Mas há, de nossa parte, eu senti de todos os líderes, inclusive da oposição, compromisso absoluto com uma pauta que é fundamental para o Brasil, que é disciplina e equilíbrio fiscal.

O líder do governo na Câmara, José Guimarães (PT-Ceará), defendeu que a nova âncora tenha como relator um parlamentar alinhado com os parâmetros da proposta. Guimarães negou desconforto do governo com eventual escolha de um aliado de Lira:

— Se for um relator que se identifica com a proposta, não tem problema.

Guimarães recusou confirmar nomes, embora tenha sido questionado sobre a possibilidade de o deputado federal Fernando Monteiro (PPPE) ser escolhido para a relatoria.

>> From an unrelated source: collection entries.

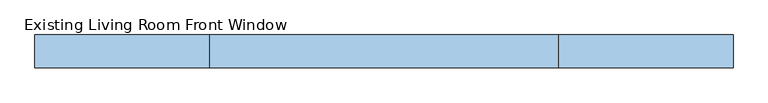
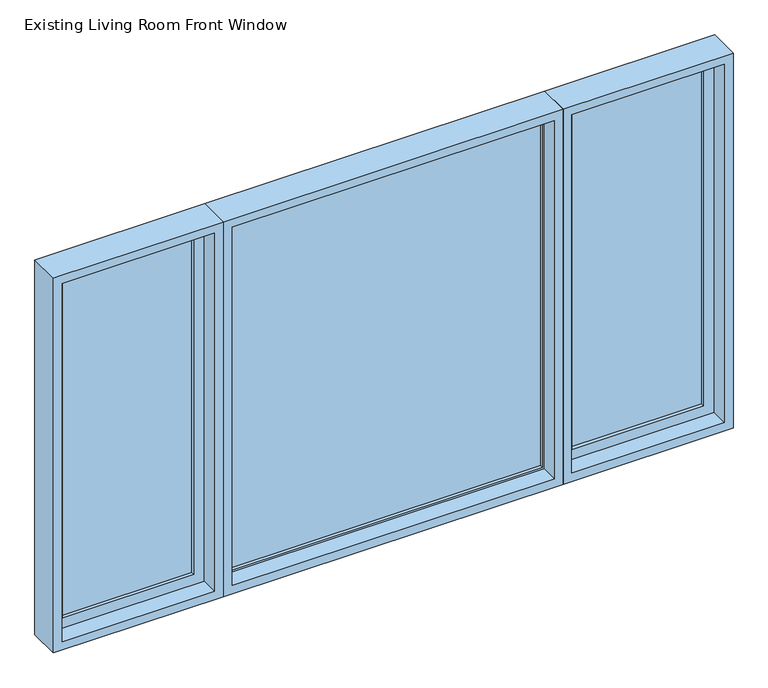
"""IFC4 building model written with IfcOpenShell, lengths in millimetres: window geometry, Existing Living Room Front Window."""

from ifc_helpers import new_model, si_unit, frame, origin, place, context, project, spatial, polyline, outline, extrude, faceted_brep, source, transform, mapped, element, save


def existing_living_room_front_window_c9edc87e(model_context):
    return source(origin(), model_context, "Body", "SolidModel", [
        extrude(outline(polyline([(-1149.35, 176.2125), (-679.45, 176.2125), (-679.45, 169.8625), (-1149.35, 169.8625), (-1149.35, 176.2125)])), frame((0.0, 0.0, 984.25), z_axis=(0.0, 0.0, 1.0), x_axis=(1.0, 0.0, 0.0)), (0.0, 0.0, 1.0), 1282.7),
        extrude(outline(polyline([(-679.45, 157.1625), (-1149.35, 157.1625), (-1149.35, 163.5125), (-679.45, 163.5125), (-679.45, 157.1625)])), frame((0.0, 0.0, 984.25), z_axis=(0.0, 0.0, 1.0), x_axis=(1.0, 0.0, 0.0)), (0.0, 0.0, 1.0), 1282.7),
        extrude(outline(polyline([(2324.1, -622.3), (2324.1, -1206.5), (927.1, -1206.5), (927.1, -622.3), (2324.1, -622.3)]), holes=[polyline([(2266.95, -1149.35), (2266.95, -679.45), (984.25, -679.45), (984.25, -1149.35), (2266.95, -1149.35)])]), frame((0.0, 144.4625, 0.0), z_axis=(0.0, 1.0, 0.0), x_axis=(0.0, 0.0, 1.0)), (0.0, 0.0, 1.0), 44.45),
        faceted_brep([(-1187.45, 144.4625, 2305.05), (-641.35, 144.4625, 2305.05), (-641.35, 80.9625, 2305.05), (-1187.45, 80.9625, 2305.05), (-1206.5, 195.2625, 2324.1), (-622.3, 195.2625, 2324.1), (-622.3, 144.4625, 2324.1), (-1206.5, 144.4625, 2324.1), (-1219.2, 80.9625, 2336.8), (-609.6, 80.9625, 2336.8), (-609.6, 195.2625, 2336.8), (-1219.2, 195.2625, 2336.8), (-641.35, 144.4625, 946.15), (-641.35, 80.9625, 946.15), (-622.3, 195.2625, 927.1), (-622.3, 144.4625, 927.1), (-609.6, 80.9625, 914.4), (-609.6, 195.2625, 914.4), (-1187.45, 144.4625, 946.15), (-1187.45, 80.9625, 946.15), (-1206.5, 195.2625, 927.1), (-1206.5, 144.4625, 927.1), (-1219.2, 80.9625, 914.4), (-1219.2, 195.2625, 914.4)], [[[0, 1, 2, 3]], [[4, 5, 6, 7]], [[8, 9, 10, 11]], [[1, 12, 13, 2]], [[5, 14, 15, 6]], [[9, 16, 17, 10]], [[12, 18, 19, 13]], [[14, 20, 21, 15]], [[16, 22, 23, 17]], [[9, 8, 22, 16], [3, 2, 13, 19]], [[18, 0, 3, 19]], [[7, 6, 15, 21], [1, 0, 18, 12]], [[20, 4, 7, 21]], [[22, 8, 11, 23]], [[11, 10, 17, 23], [5, 4, 20, 14]]]),
        extrude(outline(polyline([(679.45, 176.2125), (1149.35, 176.2125), (1149.35, 169.8625), (679.45, 169.8625), (679.45, 176.2125)])), frame((0.0, 0.0, 984.25), z_axis=(0.0, 0.0, 1.0), x_axis=(1.0, 0.0, 0.0)), (0.0, 0.0, 1.0), 1282.7),
        extrude(outline(polyline([(1149.35, 157.1625), (679.45, 157.1625), (679.45, 163.5125), (1149.35, 163.5125), (1149.35, 157.1625)])), frame((0.0, 0.0, 984.25), z_axis=(0.0, 0.0, 1.0), x_axis=(1.0, 0.0, 0.0)), (0.0, 0.0, 1.0), 1282.7),
        extrude(outline(polyline([(2324.1, 1206.5), (2324.1, 622.3), (927.1, 622.3), (927.1, 1206.5), (2324.1, 1206.5)]), holes=[polyline([(2266.95, 679.45), (2266.95, 1149.35), (984.25, 1149.35), (984.25, 679.45), (2266.95, 679.45)])]), frame((0.0, 144.4625, 0.0), z_axis=(0.0, 1.0, 0.0), x_axis=(0.0, 0.0, 1.0)), (0.0, 0.0, 1.0), 44.45),
        faceted_brep([(641.35, 144.4625, 2305.05), (1187.45, 144.4625, 2305.05), (1187.45, 80.9625, 2305.05), (641.35, 80.9625, 2305.05), (622.3, 195.2625, 2324.1), (1206.5, 195.2625, 2324.1), (1206.5, 144.4625, 2324.1), (622.3, 144.4625, 2324.1), (609.6, 80.9625, 2336.8), (1219.2, 80.9625, 2336.8), (1219.2, 195.2625, 2336.8), (609.6, 195.2625, 2336.8), (1187.45, 144.4625, 946.15), (1187.45, 80.9625, 946.15), (1206.5, 195.2625, 927.1), (1206.5, 144.4625, 927.1), (1219.2, 80.9625, 914.4), (1219.2, 195.2625, 914.4), (641.35, 144.4625, 946.15), (641.35, 80.9625, 946.15), (622.3, 195.2625, 927.1), (622.3, 144.4625, 927.1), (609.6, 80.9625, 914.4), (609.6, 195.2625, 914.4)], [[[0, 1, 2, 3]], [[4, 5, 6, 7]], [[8, 9, 10, 11]], [[1, 12, 13, 2]], [[5, 14, 15, 6]], [[9, 16, 17, 10]], [[12, 18, 19, 13]], [[14, 20, 21, 15]], [[16, 22, 23, 17]], [[9, 8, 22, 16], [3, 2, 13, 19]], [[18, 0, 3, 19]], [[7, 6, 15, 21], [1, 0, 18, 12]], [[20, 4, 7, 21]], [[22, 8, 11, 23]], [[11, 10, 17, 23], [5, 4, 20, 14]]]),
        extrude(outline(polyline([(-571.5, 176.2125), (571.5, 176.2125), (571.5, 169.8625), (-571.5, 169.8625), (-571.5, 176.2125)])), frame((0.0, 0.0, 952.5), z_axis=(0.0, 0.0, 1.0), x_axis=(1.0, 0.0, 0.0)), (0.0, 0.0, 1.0), 1346.2),
        extrude(outline(polyline([(571.5, 157.1625), (-571.5, 157.1625), (-571.5, 163.5125), (571.5, 163.5125), (571.5, 157.1625)])), frame((0.0, 0.0, 952.5), z_axis=(0.0, 0.0, 1.0), x_axis=(1.0, 0.0, 0.0)), (0.0, 0.0, 1.0), 1346.2),
        extrude(outline(polyline([(927.1, -596.9), (927.1, 596.9), (2324.1, 596.9), (2324.1, -596.9), (927.1, -596.9)]), holes=[polyline([(952.5, 571.5), (952.5, -571.5), (2298.7, -571.5), (2298.7, 571.5), (952.5, 571.5)])]), frame((0.0, 144.4625, 0.0), z_axis=(0.0, 1.0, 0.0), x_axis=(0.0, 0.0, 1.0)), (0.0, 0.0, 1.0), 44.45),
        faceted_brep([(-609.6, 80.9625, 2336.8), (609.6, 80.9625, 2336.8), (609.6, 195.2625, 2336.8), (-609.6, 195.2625, 2336.8), (609.6, 80.9625, 914.4), (609.6, 195.2625, 914.4), (-609.6, 80.9625, 914.4), (-609.6, 195.2625, 914.4), (-577.85, 80.9625, 2305.05), (577.85, 80.9625, 2305.05), (577.85, 80.9625, 946.15), (-577.85, 80.9625, 946.15), (596.9, 195.2625, 2324.1), (-596.9, 195.2625, 2324.1), (-596.9, 195.2625, 927.1), (596.9, 195.2625, 927.1), (-577.85, 144.4625, 2305.05), (577.85, 144.4625, 2305.05), (596.9, 144.4625, 2324.1), (-596.9, 144.4625, 2324.1), (577.85, 144.4625, 946.15), (596.9, 144.4625, 927.1), (-577.85, 144.4625, 946.15), (-596.9, 144.4625, 927.1)], [[[0, 1, 2, 3]], [[1, 4, 5, 2]], [[4, 6, 7, 5]], [[1, 0, 6, 4], [8, 9, 10, 11]], [[6, 0, 3, 7]], [[3, 2, 5, 7], [12, 13, 14, 15]], [[16, 17, 9, 8]], [[13, 12, 18, 19]], [[17, 20, 10, 9]], [[12, 15, 21, 18]], [[20, 22, 11, 10]], [[15, 14, 23, 21]], [[22, 16, 8, 11]], [[19, 18, 21, 23], [17, 16, 22, 20]], [[14, 13, 19, 23]]]),
    ])


if __name__ == "__main__":
    model = new_model("IFC4")
    model_context = context("Model", 3, world=origin())
    ifc_project = project(units=[si_unit("LENGTHUNIT", "METRE", prefix="MILLI")], contexts=[model_context])
    site = spatial("IfcSite", under=ifc_project)
    building = spatial("IfcBuilding", under=site)
    placement = place(None, origin())
    existing_living_room_front_window_shape = existing_living_room_front_window_c9edc87e(model_context)
    element("IfcWindow", 1, ObjectType="Existing Living Room Front Window : (2) 2'-0\" x 4'-8\" CS + 4'-0\" x 4'-8\" FX", at=placement, inside=building, context=model_context, shape_type="MappedRepresentation", body=[
        mapped(existing_living_room_front_window_shape, transform((0.0, 0.0, 0.0), x_axis=(1.0, 0.0, 0.0), y_axis=(0.0, 1.0, 0.0), z_axis=(0.0, 0.0, 1.0))),
    ])
    save(model, "model.ifc")

# Revit data of these elements
# Type "Existing Living Room Front Window : (2) 2'-0\" x 4'-8\" CS + 4'-0\" x 4'-8\" FX"
#   Type Mark = "31"
#   Analytic Construction = "<None>"
#   Window Inset = 0' - 0 3/4"
#   Side Window Width = 2' - 0"
#   Side Window Location = 2' - 0"
#   Middle Window Width = 4' - 0"
#   Height = 4' - 8"
#   Default Sill Height = 3' - 0"
#   Width = 8' - 0"
#   Top Muntin Visibility = yes
#   Side Window Nested Trim Visibility = no
#   Interior Trim Visibility [instance default] = yes
#   Fixed Muntin Visibility = no
#   Exterior Trim Visibility [instance default] = yes
#   Define Thermal Properties by = 1
#   Bottom Muntin Visibility = yes
#   Sash Material = Sash
#   Right Side Window Type = element 472099
#   Left Side Window Type = element 472100
#   Interior Trim = Trim-Window-Interior-Flat : Picture Frame
#   Interior Trim Material = Wood - Stained
#   Interior Frame Material = Wood - Stained
#   Glass Pane Material = Glass
#   Exterior Trim Material = Clad - White
#   Exterior Trim = Trim-Window-Exterior-Flat : with Sill
#   Exterior Frame Material = Clad - White
#   Rough Width = 0
#   Rough Height = 0
#   Wall Closure = (empty or 0)
# Element 1 (IfcWindow, "Existing Living Room Front Window : (2) 2'-0\" x 4'-8\" CS + 4'-0\" x 4'-8\" FX")
#   Materials on its faces: "Wood - Stained", "Glass", "Clad - White"
# Materials
#   "Sash": class "Wood", colour RGB 224 178 126, transparency 0, Cost = 0
#   "Wood - Stained": class "Wood", colour RGB 224 178 126, transparency 0, Cost = 0
#   "Glass": class "Glass", colour RGB 0 128 192, transparency 0.75, Description = "Soda Lime Glass", Cost = 0
#   "Clad - White": class "Wood", colour RGB 242 242 238, transparency 0, Cost = 0

Ele reconheceu, contudo, que deverá haver “medidas complementares” ao texto inicial apresentado ontem.

O senador Rogério Marinho (PL-RN) comentou o assunto antes de se reunir com Haddad:

— Se o arcabouço apresentado, de fato, tiver essa solidez, mostre que a trajetória da dívida no futuro vai declinar ou pelo menos estabilizar, e dar segurança a quem investe no Brasil, não tenha dúvida que terá nosso apoio.

O senador Ciro Nogueira, presidente nacional do PP e um dos aliados do ex-presidente Jair Bolsonaro, não se opôs integralmente à regra, mas disse que a orientação será para tentar corrigir “distorções”:

— O que for uma coisa importante, vamos estar a favor, tentar corrigir. O que não quero é um arcabouço fiscal baseado em inflação. Quem vai se penalizar é justamente a população mais pobre, as pessoas que vão chegar no mercado no dia seguinte e não vão poder mais comprar seus alimentos por causa da inflação.